Don King

  • Don King
  • One-Two Punch (UK Doublevision) 1985  (Atavistic) 1997 

Formed in 1981, this post-no wave NYC anti-supergroup teamed Mars refugees Lucy Hamilton and Mark Cunningham with percussionist Duncan Lindsay, whose brother Arto and his Brazilian foil Toni Nogueira would join in time for the group’s lone vinyl outing. Don King topped its mass of post-samba shuffle and ’80s electro-beats with stabbing funk bass, dying-goose clarinet/trumpet and disruptive slices of slide guitar to create an exercise in marked contrasts. The discord and retarded vocals of Hamilton and Duncan Lindsay summon Mars’ “Puerto Rican Ghost,” while the tropical flavors and gibberish chants presage Arto Lindsay’s future in the Ambitious Lovers.

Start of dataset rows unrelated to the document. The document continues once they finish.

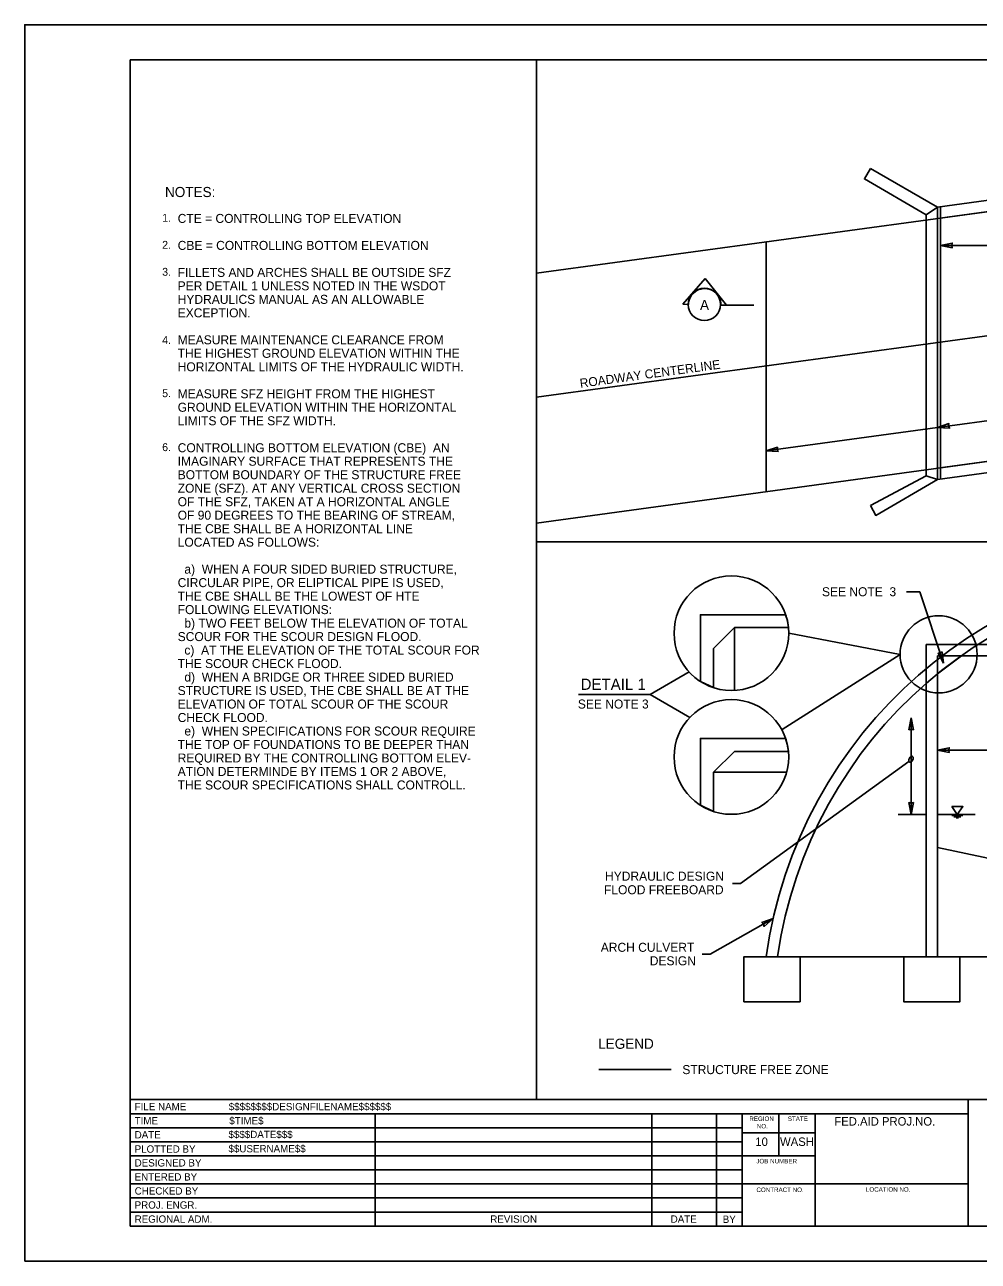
# Model space of a CAD drawing. Extents: x 99988 to 100090, y 99986 to 100024.
# Drawn here: x 100059.12 to 100067.61, y 99999.62 to 100010.62 of the extents above; entities that cross this region are included whole.
import ezdxf

# ---------------------------------------------------------------- set-up
doc = ezdxf.new("R2010")
doc.units = 0
for name, color, linetype in [('Default', 7, 'Continuous'), ('Level 1', 7, 'Continuous'), ('Level 15', 7, 'Continuous'), ('Level 20', 7, 'Continuous'), ('Level 22', 7, 'Continuous'), ('Level 4', 7, 'Continuous'), ('Level 6', 7, 'Continuous'), ('Level 8', 7, 'Continuous'), ('RD_ED_RoadwayETWPaved', 7, 'Continuous'), ('SH_DP_WaterSurfaceElev', 7, 'Continuous'), ('SH_GI_PlotLimits', 7, 'Continuous'), ('SH_GI_SheetBorder', 7, 'Continuous'), ('SH_GI_SheetTextInCells', 7, 'Continuous'), ('SH_GI_TitleBlockText', 7, 'Continuous')]:
    doc.layers.add(name, color=color, linetype=linetype)

msp = doc.modelspace()

# ---------------------------------------------------------------- linework, layer by layer
at = {"layer": 'Default'}
for p, q in [((100063.679, 100001.063), (100063.679, 100010.312)), ((100067.272, 100008.512), (100067.272, 100008.812)), ((100064.234, 100001.33), (100064.877, 100001.33))]:
    msp.add_line(p, q, dxfattribs=at)
at = {"layer": 'Level 1'}
for p, q in [((100065.823, 100002.334), (100065.723, 100002.334)), ((100066.023, 100002.334), (100066.946, 100002.334))]:
    msp.add_line(p, q, dxfattribs=at)
msp.add_lwpolyline([(100065.723, 100006.834), (100065.827, 100006.828), (100065.819, 100006.847), (100065.821, 100006.867)], close=True, dxfattribs=at)
msp.add_lwpolyline([(100065.723, 100006.834), (100065.827, 100006.828), (100065.819, 100006.847), (100065.821, 100006.867)], close=True, dxfattribs=at)
msp.add_lwpolyline([(100065.723, 100002.334), (100065.523, 100002.334), (100065.523, 100001.934), (100065.723, 100001.934), (100066.023, 100001.934), (100066.023, 100002.334), (100065.823, 100002.334)], dxfattribs=at)
at = {"layer": 'Level 15'}
for p, q in [((100063.679, 100007.311), (100075.812, 100008.968)), ((100067.272, 100008.662), (100072.21, 100008.662)), ((100067.246, 100007.042), (100072.246, 100007.725)), ((100065.922, 100005.212), (100066.913, 100005.024)), ((100066.913, 100005.024), (100065.864, 100004.356)), ((100067.011, 100004.459), (100067.011, 100003.6)), ((100067.246, 100004.172), (100070.794, 100004.172)), ((100066.897, 100003.6), (100067.146, 100003.6)), ((100067.246, 100003.6), (100067.582, 100003.6))]:
    msp.add_line(p, q, dxfattribs=at)
for points in [[(100067.272, 100008.662), (100067.377, 100008.641), (100067.372, 100008.662), (100067.377, 100008.682)], [(100067.246, 100007.042), (100067.353, 100007.036), (100067.345, 100007.056), (100067.347, 100007.077)], [(100067.3, 100004.947), (100067.287, 100005.046), (100067.27, 100005.035), (100067.251, 100005.034)], [(100067.011, 100004.459), (100067.032, 100004.354), (100067.011, 100004.359), (100066.991, 100004.354)], [(100067.246, 100004.172), (100067.351, 100004.152), (100067.346, 100004.172), (100067.351, 100004.193)], [(100067.011, 100003.6), (100067.032, 100003.705), (100067.011, 100003.7), (100066.991, 100003.705)], [(100065.784, 100002.673), (100065.683, 100002.64), (100065.697, 100002.624), (100065.703, 100002.604)]]:
    msp.add_lwpolyline(points, close=True, dxfattribs=at)
for points in [[(100067.3, 100004.947), (100067.088, 100005.579), (100066.97, 100005.579)], [(100066.991, 100004.072), (100065.492, 100002.986), (100065.422, 100002.986)], [(100065.784, 100002.673), (100065.222, 100002.357), (100065.152, 100002.357)]]:
    msp.add_lwpolyline(points, dxfattribs=at)
for centre, radius in [((100065.412, 100005.212), 0.51), ((100067.256, 100005.024), 0.343), ((100065.412, 100004.111), 0.51)]:
    msp.add_circle(centre, radius, dxfattribs=at)
msp.add_ellipse((100067.01, 100004.091), major_axis=(0.0144, 0.0249), ratio=0.57735, dxfattribs=at)
at = {"layer": 'Level 20'}
for p, q in [((100065.179, 100008.367), (100064.979, 100008.139)), ((100065.369, 100008.13), (100065.179, 100008.367)), ((100064.979, 100008.139), (100065.03, 100008.137)), ((100065.315, 100008.131), (100065.611, 100008.131)), ((100065.318, 100008.131), (100065.369, 100008.13))]:
    msp.add_line(p, q, dxfattribs=at)
for points in [[(100065.036, 100004.868), (100064.689, 100004.667), (100064.051, 100004.667)], [(100065.043, 100004.463), (100064.689, 100004.667), (100064.619, 100004.667)]]:
    msp.add_lwpolyline(points, dxfattribs=at)
msp.add_circle((100065.172, 100008.137), 0.144, dxfattribs=at)
msp.add_arc((100065.174, 100008.134), 0.144, 358.796, 178.8005, dxfattribs=at)
at = {"layer": 'Level 22'}
for p, q in [((100065.92, 100005.262), (100065.91, 100005.324)), ((100065.137, 100004.783), (100065.252, 100004.728)), ((100065.92, 100004.161), (100065.909, 100004.224)), ((100065.137, 100003.682), (100065.252, 100003.627)), ((100067.246, 100002.334), (100067.146, 100002.334))]:
    msp.add_line(p, q, dxfattribs=at)
for points in [[(100067.246, 100009.002), (100072.246, 100009.686), (100072.246, 100009.585), (100067.246, 100008.902)], [(100066.649, 100009.347), (100067.246, 100009.002), (100067.146, 100008.935), (100067.146, 100008.935), (100066.595, 100009.253)], [(100067.246, 100009.002), (100067.146, 100008.935), (100067.146, 100006.612), (100067.246, 100006.578)], [(100067.246, 100006.679), (100072.246, 100007.362), (100072.246, 100007.261), (100067.246, 100006.578)], [(100066.649, 100006.349), (100067.146, 100006.612), (100067.246, 100006.578), (100067.246, 100006.578), (100066.696, 100006.26)], [(100067.146, 100005.112), (100072.346, 100005.112), (100072.346, 100005.012), (100072.346, 100002.334), (100072.246, 100002.334), (100072.246, 100004.85), (100072.033, 100005.012), (100067.459, 100005.012), (100067.246, 100004.85), (100067.246, 100002.334), (100067.146, 100002.334), (100067.146, 100005.012)]]:
    msp.add_lwpolyline(points, close=True, dxfattribs=at)
for points in [[(100065.91, 100005.324), (100065.895, 100005.377), (100065.137, 100005.377), (100065.137, 100004.783)], [(100065.252, 100004.728), (100065.252, 100005.076), (100065.441, 100005.262), (100065.92, 100005.262)], [(100065.909, 100004.224), (100065.895, 100004.276), (100065.137, 100004.276), (100065.137, 100003.682)], [(100065.252, 100003.627), (100065.252, 100003.975), (100065.441, 100004.161), (100065.92, 100004.161)], [(100067.146, 100002.334), (100066.946, 100002.334), (100066.946, 100001.934), (100067.146, 100001.934), (100067.446, 100001.934), (100067.446, 100002.334), (100067.246, 100002.334)]]:
    msp.add_lwpolyline(points, dxfattribs=at)
at = {"layer": 'Level 4'}
msp.add_line((100067.272, 100006.581), (100067.272, 100009.006), dxfattribs=at)
for points in [[(100065.92, 100005.262), (100065.441, 100005.262), (100065.441, 100004.703)], [(100065.903, 100003.975), (100065.252, 100003.975), (100065.252, 100003.627)]]:
    msp.add_lwpolyline(points, dxfattribs=at)
msp.add_lwpolyline([(100067.246, 100005.012), (100072.246, 100005.012), (100072.246, 100002.334), (100067.246, 100002.334)], close=True, dxfattribs=at)
at = {"layer": 'Level 6'}
msp.add_lwpolyline([(100067.246, 100003.307), (100068.564, 100003.026), (100069.193, 100002.62), (100069.817, 100002.518), (100070.441, 100002.62), (100071.069, 100003.026), (100072.246, 100003.307)], dxfattribs=at)
at = {"layer": 'Level 8'}
for p, q in [((100065.723, 100008.693), (100065.723, 100006.471)), ((100065.723, 100006.834), (100067.246, 100007.042))]:
    msp.add_line(p, q, dxfattribs=at)
for radius, start, end in [(4.062, 7.8759, 172.1241), (3.962, 8.076, 171.924)]:
    msp.add_arc((100069.746, 100001.777), radius, start, end, dxfattribs=at)
at = {"layer": 'RD_ED_RoadwayETWPaved'}
for p, q in [((100063.679, 100008.414), (100075.812, 100010.072)), ((100063.679, 100006.191), (100075.812, 100007.849))]:
    msp.add_line(p, q, dxfattribs=at)
at = {"layer": 'SH_DP_WaterSurfaceElev'}
for p, q in [((100067.372, 100003.59), (100067.472, 100003.59)), ((100067.392, 100003.58), (100067.452, 100003.58)), ((100067.412, 100003.57), (100067.432, 100003.57))]:
    msp.add_line(p, q, dxfattribs=at)
msp.add_lwpolyline([(100067.372, 100003.67), (100067.472, 100003.67), (100067.422, 100003.6)], close=True, dxfattribs=at)
at = {"layer": 'SH_GI_PlotLimits'}
msp.add_lwpolyline([(100059.125, 99999.625), (100076.125, 99999.625), (100076.125, 100010.625), (100059.125, 100010.625)], close=True, dxfattribs=at)
at = {"layer": 'SH_GI_SheetBorder'}
for p, q in [((100060.062, 100010.312), (100060.062, 99999.937)), ((100060.062, 100010.312), (100075.812, 100010.312)), ((100075.812, 100006.026), (100063.679, 100006.026)), ((100060.062, 100001.063), (100075.812, 100001.063)), ((100067.519, 99999.937), (100067.519, 100001.063)), ((100060.062, 100000.938), (100067.519, 100000.938)), ((100062.242, 100000.938), (100062.242, 99999.937)), ((100064.703, 100000.938), (100064.703, 99999.937)), ((100065.279, 100000.938), (100065.279, 99999.937)), ((100065.508, 100000.938), (100065.508, 99999.937)), ((100065.834, 100000.563), (100065.834, 100000.938)), ((100066.158, 99999.937), (100066.158, 100000.938)), ((100060.062, 100000.813), (100062.245, 100000.813)), ((100062.245, 100000.813), (100065.509, 100000.813)), ((100060.062, 100000.688), (100062.245, 100000.688)), ((100062.245, 100000.688), (100065.509, 100000.688)), ((100066.158, 100000.768), (100065.509, 100000.768)), ((100060.062, 100000.563), (100065.509, 100000.563)), ((100066.158, 100000.563), (100065.509, 100000.563)), ((100060.062, 100000.438), (100065.509, 100000.438)), ((100060.062, 100000.313), (100065.509, 100000.313)), ((100067.519, 100000.313), (100065.509, 100000.313)), ((100060.062, 100000.188), (100065.509, 100000.188)), ((100060.062, 100000.063), (100065.509, 100000.063)), ((100060.062, 99999.937), (100075.812, 99999.937))]:
    msp.add_line(p, q, dxfattribs=at)

# ---------------------------------------------------------------- texts
at = {"layer": 'Level 1'}
for s, height, p in [('NOTES: ', 0.09, (100060.373, 100009.092)), ('1.', 0.07, (100060.348, 100008.872)), ('CTE = CONTROLLING TOP ELEVATION', 0.08, (100060.486, 100008.862)), ('2.', 0.07, (100060.348, 100008.632)), ('CBE = CONTROLLING BOTTOM ELEVATION', 0.08, (100060.486, 100008.622)), ('3.', 0.07, (100060.348, 100008.392)), ('FILLETS AND ARCHES SHALL BE OUTSIDE SFZ ', 0.08, (100060.486, 100008.382)), ('PER DETAIL 1 UNLESS NOTED IN THE WSDOT ', 0.08, (100060.486, 100008.262)), ('HYDRAULICS MANUAL AS AN ALLOWABLE ', 0.08, (100060.486, 100008.142)), ('EXCEPTION.', 0.08, (100060.486, 100008.022)), ('4.', 0.07, (100060.348, 100007.785)), ('MEASURE MAINTENANCE CLEARANCE FROM ', 0.08, (100060.486, 100007.782)), ('THE HIGHEST GROUND ELEVATION WITHIN THE ', 0.08, (100060.486, 100007.662)), ('HORIZONTAL LIMITS OF THE HYDRAULIC WIDTH.   ', 0.08, (100060.486, 100007.542)), ('5.', 0.07, (100060.348, 100007.312)), ('MEASURE SFZ HEIGHT FROM THE HIGHEST ', 0.08, (100060.486, 100007.302)), ('GROUND ELEVATION WITHIN THE HORIZONTAL ', 0.08, (100060.486, 100007.182)), ('LIMITS OF THE SFZ WIDTH.', 0.08, (100060.486, 100007.062)), ('6.', 0.07, (100060.348, 100006.832)), ('CONTROLLING BOTTOM ELEVATION (CBE)  AN ', 0.08, (100060.486, 100006.822)), ('IMAGINARY SURFACE THAT REPRESENTS THE ', 0.08, (100060.486, 100006.702)), ('BOTTOM BOUNDARY OF THE STRUCTURE FREE ', 0.08, (100060.486, 100006.582)), ('ZONE (SFZ). AT ANY VERTICAL CROSS SECTION ', 0.08, (100060.486, 100006.462)), ('OF THE SFZ, TAKEN AT A HORIZONTAL ANGLE ', 0.08, (100060.486, 100006.342)), ('OF 90 DEGREES TO THE BEARING OF STREAM, ', 0.08, (100060.486, 100006.222)), ('THE CBE SHALL BE A HORIZONTAL LINE ', 0.08, (100060.486, 100006.102)), ('LOCATED AS FOLLOWS:', 0.08, (100060.486, 100005.982)), ('  a)  WHEN A FOUR SIDED BURIED STRUCTURE, ', 0.08, (100060.486, 100005.742)), ('CIRCULAR PIPE, OR ELIPTICAL PIPE IS USED,', 0.08, (100060.486, 100005.622)), ('THE CBE SHALL BE THE LOWEST OF HTE ', 0.08, (100060.486, 100005.502)), ('FOLLOWING ELEVATIONS:', 0.08, (100060.486, 100005.382)), ('  b) TWO FEET BELOW THE ELEVATION OF TOTAL ', 0.08, (100060.486, 100005.262)), ('SCOUR FOR THE SCOUR DESIGN FLOOD.', 0.08, (100060.486, 100005.142)), ('  c)  AT THE ELEVATION OF THE TOTAL SCOUR FOR ', 0.08, (100060.486, 100005.022)), ('THE SCOUR CHECK FLOOD.', 0.08, (100060.486, 100004.902)), ('  d)  WHEN A BRIDGE OR THREE SIDED BURIED ', 0.08, (100060.486, 100004.782)), ('STRUCTURE IS USED, THE CBE SHALL BE AT THE ', 0.08, (100060.486, 100004.662)), ('ELEVATION OF TOTAL SCOUR OF THE SCOUR ', 0.08, (100060.486, 100004.542)), ('CHECK FLOOD. ', 0.08, (100060.486, 100004.422)), ('  e)  WHEN SPECIFICATIONS FOR SCOUR REQUIRE ', 0.08, (100060.486, 100004.302)), ('THE TOP OF FOUNDATIONS TO BE DEEPER THAN', 0.08, (100060.486, 100004.182)), ('REQUIRED BY THE CONTROLLING BOTTOM ELEV-', 0.08, (100060.486, 100004.062)), ('ATION DETERMINDE BY ITEMS 1 OR 2 ABOVE, ', 0.08, (100060.486, 100003.942)), ('THE SCOUR SPECIFICATIONS SHALL CONTROLL.', 0.08, (100060.486, 100003.822))]:
    msp.add_text(s, height=height, dxfattribs=at).set_placement(p)
at = {"layer": 'Level 15'}
msp.add_text('DETAIL 1', height=0.1, dxfattribs=at).set_placement((100064.071, 100004.708))
at = {"layer": 'Level 20'}
for s, height, rotation, p in [('A', 0.09, 359.9972, (100065.133, 100008.087)), ('ROADWAY CENTERLINE', 0.08, 7.7791, (100064.069, 100007.395))]:
    msp.add_text(s, height=height, rotation=rotation, dxfattribs=at).set_placement(p)
for s, height, p in [('SEE NOTE  3', 0.08, (100066.218, 100005.541)), ('SEE NOTE 3', 0.08, (100064.046, 100004.542)), ('HYDRAULIC DESIGN', 0.08, (100064.288, 100003.011)), ('FLOOD FREEBOARD', 0.08, (100064.279, 100002.89)), ('ARCH CULVERT', 0.08, (100064.25, 100002.378)), ('DESIGN', 0.08, (100064.686, 100002.258)), ('LEGEND', 0.09, (100064.227, 100001.515)), ('STRUCTURE FREE ZONE', 0.08, (100064.976, 100001.29))]:
    msp.add_text(s, height=height, dxfattribs=at).set_placement(p)
at = {"layer": 'SH_GI_SheetTextInCells'}
for s, height, p in [('FILE NAME', 0.0651, (100060.103, 100000.968)), ('TIME', 0.0651, (100060.103, 100000.843)), ('REGION', 0.04, (100065.572, 100000.873)), ('STATE', 0.04, (100065.914, 100000.873)), ('FED.AID PROJ.NO.', 0.07506, (100066.328, 100000.832)), ('DATE', 0.0651, (100060.103, 100000.718)), ('NO.', 0.04, (100065.638, 100000.807)), ('10', 0.0751, (100065.625, 100000.651)), ('WASH', 0.0751, (100065.845, 100000.651)), ('PLOTTED BY', 0.0651, (100060.103, 100000.591)), ('DESIGNED BY', 0.06505, (100060.103, 100000.468)), ('JOB NUMBER', 0.04, (100065.634, 100000.496)), ('ENTERED BY', 0.0651, (100060.103, 100000.343)), ('CHECKED BY', 0.0651, (100060.103, 100000.218)), ('CONTRACT NO.', 0.04003, (100065.635, 100000.241)), ('LOCATION NO.', 0.04003, (100066.609, 100000.244)), ('PROJ. ENGR.', 0.06505, (100060.103, 100000.093)), ('REGIONAL ADM.', 0.06505, (100060.103, 99999.968)), ('REVISION', 0.0651, (100063.267, 99999.968)), ('DATE', 0.0651, (100064.872, 99999.968)), ('BY', 0.0651, (100065.335, 99999.966))]:
    msp.add_text(s, height=height, dxfattribs=at).set_placement(p)
at = {"layer": 'SH_GI_TitleBlockText'}
for s, height, p in [('$$$$$$$$DESIGNFILENAME$$$$$$', 0.06505, (100060.94, 100000.968)), ('$TIME$', 0.0651, (100060.945, 100000.843)), ('$$$$DATE$$$', 0.06505, (100060.938, 100000.721)), ('$$USERNAME$$', 0.06505, (100060.938, 100000.594))]:
    msp.add_text(s, height=height, dxfattribs=at).set_placement(p)

doc.saveas('drawing.dxf')

One-Two Punch, an occasionally boring mini-album released on Cabaret Voltaire’s label, is split between “Revelry” (a sidelong piece of instrumental squeals, honks and churning battery remixed into a dull dance-throb by Jim Thirlwell and Roli Mosimann) and four sterling flips, among them the sensual Portuguese spastics of “Tanajura,” the deliciously fucked-up torch-hop of “Never Decide” and the harmonically outlandish chatter of “Marco Polo.” Still, nothing here approaches No New York’s level of innovative of scrap attack, so consider the work a fascinating transition recommended to those fascinated by the participants.

The Atavistic edition, subtitled (Knockout), adds a post-Arto track from ’85 as well as four 1987 recordings of Cunningham, Hamilton, Pere Ubu bassist Tony Maimone and drummer Bill Perry. The later stuff is straighter, with less pitter-patter and the plenty of noir-ish horns, but it’s inventive and dryly malevolent. Additionally, Hamilton bleaches her no-wave roots a far less abrasive shade of cool on an ice-queen cover of Irving Berlin’s “Change Partners.” The onetime mistress of stone-faced noise now sounds downright dapper and sexy — in an avant sort of way, of course.